*** Opening of Study material ***

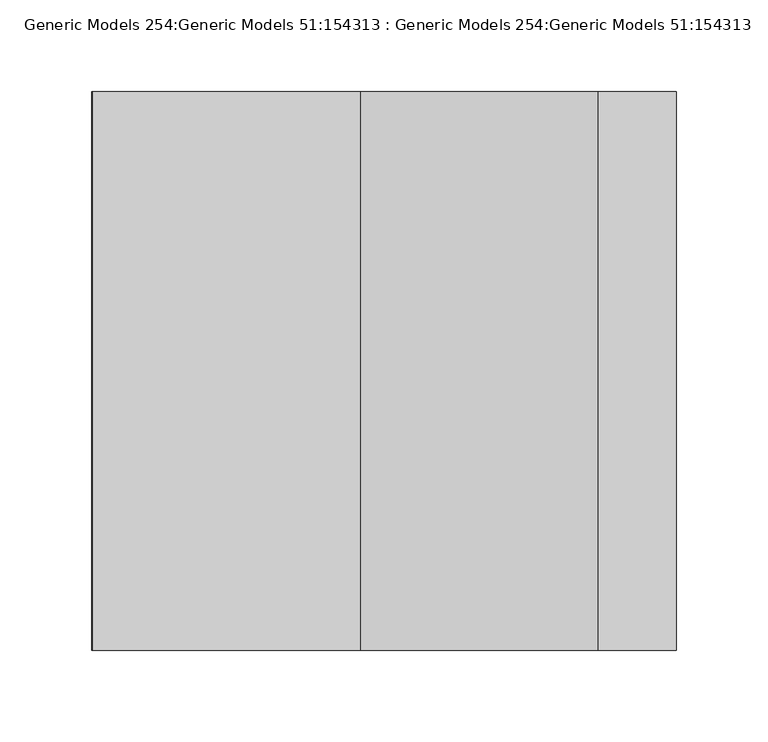
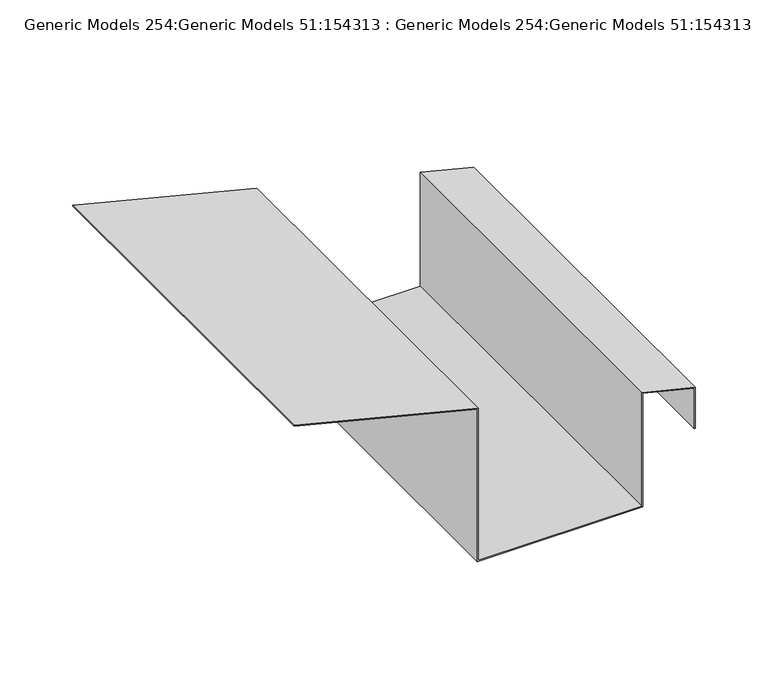
"""IFC4 building model written with IfcOpenShell, lengths in millimetres: proxy geometry, Generic Models 254:Generic Models 51:154313 : Generic Models 254:Generic Models 51:154313."""

import ifcopenshell
import ifcopenshell.guid

model = None  # the IFC model being written
_history = None  # IfcOwnerHistory: only IFC2X3 demands one
_inside = {}  # id of a spatial element -> (the spatial element, [elements in it])
_under = {}  # id of a project, library or spatial element -> (it, [spatial elements below it])
_declared = {}  # id of a project -> (the project, [libraries it declares])
_typed = {}  # id of a type object -> (the type object, [elements of that type])
_made_of = {}  # id of a material, layer set ... -> (it, [elements and type objects made of it])


def new_model(schema):
    """Start an empty IFC model of exactly this schema.

    Asked for "IFC4X3", IfcOpenShell would pick the latest addendum, in which some entities
    have other attributes; the version numbers below select the first issue.
    IFC2X3 requires an IfcOwnerHistory on every rooted entity: one is made here for all.
    """
    global model, _history
    if schema == "IFC4X3":
        model = ifcopenshell.file(schema_version=(4, 3, 0, 0))
    else:
        model = ifcopenshell.file(schema=schema)
    _inside.clear()
    _under.clear()
    _declared.clear()
    _typed.clear()
    _made_of.clear()
    _history = None
    if model.schema == "IFC2X3":
        org = make("IfcOrganization", Name="unknown")
        user = make(
            "IfcPersonAndOrganization",
            ThePerson=make("IfcPerson", FamilyName="unknown"),
            TheOrganization=org,
        )
        app = make(
            "IfcApplication",
            ApplicationDeveloper=org,
            Version="unknown",
            ApplicationFullName="unknown",
            ApplicationIdentifier="unknown",
        )
        _history = make(
            "IfcOwnerHistory",
            OwningUser=user,
            OwningApplication=app,
            ChangeAction="ADDED",
            CreationDate=0,
        )
    return model


def make(cls, **values):
    """One entity of the class cls with the attributes given. An attribute that is None is left unset."""
    return model.create_entity(
        cls, **{name: value for name, value in values.items() if value is not None}
    )


def rooted(cls, **values):
    """An entity with a GlobalId (a new one), such as an element, a storey or a relation."""
    return make(cls, GlobalId=ifcopenshell.guid.new(), OwnerHistory=_history, **values)


def si_unit(unit_type, name, prefix=None):
    """IfcSIUnit, for example si_unit("LENGTHUNIT", "METRE", prefix="MILLI")."""
    return make("IfcSIUnit", UnitType=unit_type, Prefix=prefix, Name=name)


def assignment(units):
    """IfcUnitAssignment: the units of a project."""
    return None if units is None else make("IfcUnitAssignment", Units=units)


def point(xyz):
    """IfcCartesianPoint."""
    return None if xyz is None else make("IfcCartesianPoint", Coordinates=xyz)


def direction(xyz):
    """IfcDirection."""
    return None if xyz is None else make("IfcDirection", DirectionRatios=xyz)


def frame(location, z_axis=None, x_axis=None):
    """IfcAxis2Placement3D, a coordinate frame: its origin and axes. An axis left out is left unset."""
    return make(
        "IfcAxis2Placement3D",
        Location=point(location),
        Axis=direction(z_axis),
        RefDirection=direction(x_axis),
    )


def origin():
    """The frame at (0, 0, 0) with its axes left unset."""
    return frame((0.0, 0.0, 0.0))


def place(relative_to, where):
    """IfcLocalPlacement: puts the frame where relative to a parent placement (None: the world)."""
    return make(
        "IfcLocalPlacement", PlacementRelTo=relative_to, RelativePlacement=where
    )


def context(
    kind, dimensions, precision=None, world=None, true_north=None, identifier=None
):
    """IfcGeometricRepresentationContext, for example the 3D "Model" context."""
    return make(
        "IfcGeometricRepresentationContext",
        ContextIdentifier=identifier,
        ContextType=kind,
        CoordinateSpaceDimension=dimensions,
        Precision=precision,
        WorldCoordinateSystem=world,
        TrueNorth=true_north,
    )


def project(units=None, contexts=None):
    """IfcProject with its units and contexts."""
    return rooted(
        "IfcProject",
        Name="project",
        RepresentationContexts=contexts,
        UnitsInContext=assignment(units),
    )


def spatial(cls, under=None, at=None, **own):
    """A site, building, storey or space (cls), placed at a placement, below another one or the project."""
    s = rooted(cls, ObjectPlacement=at, **own)
    if under is not None:
        _under.setdefault(under.id(), (under, []))[1].append(s)
    return s


def polyline(points):
    """IfcPolyline through the points."""
    return make("IfcPolyline", Points=[point(p) for p in points])


def outline(outer, holes=None, kind="AREA"):
    """IfcArbitraryClosedProfileDef: a profile drawn as a closed curve; with holes, ...WithVoids."""
    if holes is None:
        return make("IfcArbitraryClosedProfileDef", ProfileType=kind, OuterCurve=outer)
    return make(
        "IfcArbitraryProfileDefWithVoids",
        ProfileType=kind,
        OuterCurve=outer,
        InnerCurves=holes,
    )


def extrude(swept, where, along, depth):
    """IfcExtrudedAreaSolid: the profile swept, set in the frame where, extruded along a direction by depth."""
    return make(
        "IfcExtrudedAreaSolid",
        SweptArea=swept,
        Position=where,
        ExtrudedDirection=direction(along),
        Depth=depth,
    )


def shape(context_of_items, identifier, shape_type, items):
    """IfcShapeRepresentation: the items that make up one representation, for example the "Body"."""
    return make(
        "IfcShapeRepresentation",
        ContextOfItems=context_of_items,
        RepresentationIdentifier=identifier,
        RepresentationType=shape_type,
        Items=items,
    )


def source(mapping_origin, context_of_items, identifier, shape_type, items):
    """IfcRepresentationMap: a shape defined once, which mapped items show again and again."""
    return make(
        "IfcRepresentationMap",
        MappingOrigin=mapping_origin,
        MappedRepresentation=shape(context_of_items, identifier, shape_type, items),
    )


def transform(
    local_origin,
    x_axis=None,
    y_axis=None,
    z_axis=None,
    scale=None,
    scale2=None,
    scale3=None,
    uniform=True,
):
    """IfcCartesianTransformationOperator3D, or its non-uniform kind. x_axis, y_axis, z_axis: its Axis1, 2, 3."""
    if uniform:
        return make(
            "IfcCartesianTransformationOperator3D",
            Axis1=direction(x_axis),
            Axis2=direction(y_axis),
            LocalOrigin=point(local_origin),
            Scale=scale,
            Axis3=direction(z_axis),
        )
    return make(
        "IfcCartesianTransformationOperator3DnonUniform",
        Axis1=direction(x_axis),
        Axis2=direction(y_axis),
        LocalOrigin=point(local_origin),
        Scale=scale,
        Axis3=direction(z_axis),
        Scale2=scale2,
        Scale3=scale3,
    )


def mapped(mapping_source, mapping_target):
    """IfcMappedItem: shows the shape of a source again, moved by a transform."""
    return make(
        "IfcMappedItem", MappingSource=mapping_source, MappingTarget=mapping_target
    )


def made_of(thing, what):
    """Note that an element or type object is made of a material, layer set ...; save() writes the relation."""
    if what is not None:
        _made_of.setdefault(what.id(), (what, []))[1].append(thing)
    return thing


def element(
    cls,
    number,
    at=None,
    inside=None,
    cuts=None,
    type_object=None,
    material=None,
    context=None,
    identifier="Body",
    shape_type=None,
    held_by="IfcProductDefinitionShape",
    body=None,
    shapes=None,
    **own,
):
    """One element of the class cls, such as IfcWall. Its Tag is "e" and its number.

    at: its placement. inside: the storey or other place that contains it. cuts: it is an
    opening in that element (IfcRelVoidsElement). A single representation is given by context,
    identifier, shape_type and body (its items); several are given by shapes. held_by: the class
    of the entity that holds the representations. save() writes the other relations.
    """
    e = rooted(cls, Tag="e%d" % number, ObjectPlacement=at, **own)
    if body is not None:
        shapes = [shape(context, identifier, shape_type, body)]
    if shapes is not None:
        e.Representation = make(held_by, Representations=shapes)
    if inside is not None:
        _inside.setdefault(inside.id(), (inside, []))[1].append(e)
    if cuts is not None:
        rooted(
            "IfcRelVoidsElement", RelatingBuildingElement=cuts, RelatedOpeningElement=e
        )
    if type_object is not None:
        _typed.setdefault(type_object.id(), (type_object, []))[1].append(e)
    return made_of(e, material)


def aggregate(whole, parts):
    """IfcRelAggregates: a whole, such as a stair, and the parts it consists of."""
    return rooted("IfcRelAggregates", RelatingObject=whole, RelatedObjects=parts)


def save(model, path):
    """Write the relations noted so far, then the file.

    IfcRelAggregates (storeys below a building ...), IfcRelContainedInSpatialStructure (elements
    in a storey), IfcRelDefinesByType, IfcRelAssociatesMaterial and IfcRelDeclares: one each for
    every whole, place, type object, material and project.
    """
    for whole, parts in _under.values():
        aggregate(whole, parts)
    for where, things in _inside.values():
        rooted(
            "IfcRelContainedInSpatialStructure",
            RelatedElements=things,
            RelatingStructure=where,
        )
    for kind, things in _typed.values():
        rooted("IfcRelDefinesByType", RelatedObjects=things, RelatingType=kind)
    for what, things in _made_of.values():
        rooted("IfcRelAssociatesMaterial", RelatedObjects=things, RelatingMaterial=what)
    for by, libraries in _declared.values():
        rooted("IfcRelDeclares", RelatingContext=by, RelatedDefinitions=libraries)
    model.write(path)


def generic_models_254_generic_models_51_154313_generic_models_ec08a3f1(model_context):
    return source(origin(), model_context, "Body", "SweptSolid", [
        extrude(outline(polyline([(6454.4396974, 1764.50351), (6418.051444, 1910.0565238), (6290.0265264, 1910.0565238), (6290.0265264, 2041.403213), (6385.2765264, 2041.403213), (6375.0255938, 2082.5174582), (6341.3699291, 2082.5174582), (6341.3699291, 2083.3112082), (6375.6457393, 2083.3112082), (6386.2924801, 2040.609463), (6290.8202764, 2040.609463), (6290.8202764, 1910.8502738), (6418.6711852, 1910.8502738), (6455.209748, 1764.6960227), (6454.4396974, 1764.50351)])), frame((0.0, 5312.3878092, 0.0), z_axis=(0.0, 1.0, 0.0), x_axis=(0.0, 0.0, 1.0)), (0.0, 0.0, 1.0), 304.8),
    ])


if __name__ == "__main__":
    model = new_model("IFC4")
    model_context = context("Model", 3, world=origin())
    ifc_project = project(units=[si_unit("LENGTHUNIT", "METRE", prefix="MILLI")], contexts=[model_context])
    site = spatial("IfcSite", under=ifc_project)
    building = spatial("IfcBuilding", under=site)
    placement = place(None, origin())
    generic_models_254_generic_models_51_154313_generic_models_shape = generic_models_254_generic_models_51_154313_generic_models_ec08a3f1(model_context)
    element("IfcBuildingElementProxy", 1, Name="Generic Models 254:Generic Models 51:154313 : Generic Models 254:Generic Models 51:154313", ObjectType="Generic Models 254:Generic Models 51:154313 : Generic Models 254:Generic Models 51:154313", at=placement, inside=building, context=model_context, shape_type="MappedRepresentation", body=[
        mapped(generic_models_254_generic_models_51_154313_generic_models_shape, transform((0.0, 0.0, 0.0), x_axis=(1.0, 0.0, 0.0), y_axis=(0.0, 1.0, 0.0), z_axis=(0.0, 0.0, 1.0))),
    ])
    save(model, "model.ifc")

# Revit data of these elements
# Type "Generic Models 254:Generic Models 51:154313 : Generic Models 254:Generic Models 51:154313"
#   NameOverride = "Generic Models 254:Generic Models 51:154313"
#   ObjectTypeOverride = "Generic Models 254:Generic Models 51"
#   Reference = "Generic Models 51"
#   Category = "Generic Models"
#   Tag = "154313"
# Element 1 (IfcBuildingElementProxy, "Generic Models 254:Generic Models 51:154313 : Generic Models 254:Generic Models 51:154313")
#   Materials on its faces: "_SELF ADHERED MEMBRANE 21796"
# Materials
#   "_SELF ADHERED MEMBRANE 21796": class "Unassigned", colour RGB 253 192 103, transparency 0

*** Close of Study material ***

• **What you have to do**: Copy whichever lines above contain the string "relations".

• **Your solution**:
    of the entity that holds the representations. save() writes the other relations.
    """Write the relations noted so far, then the file.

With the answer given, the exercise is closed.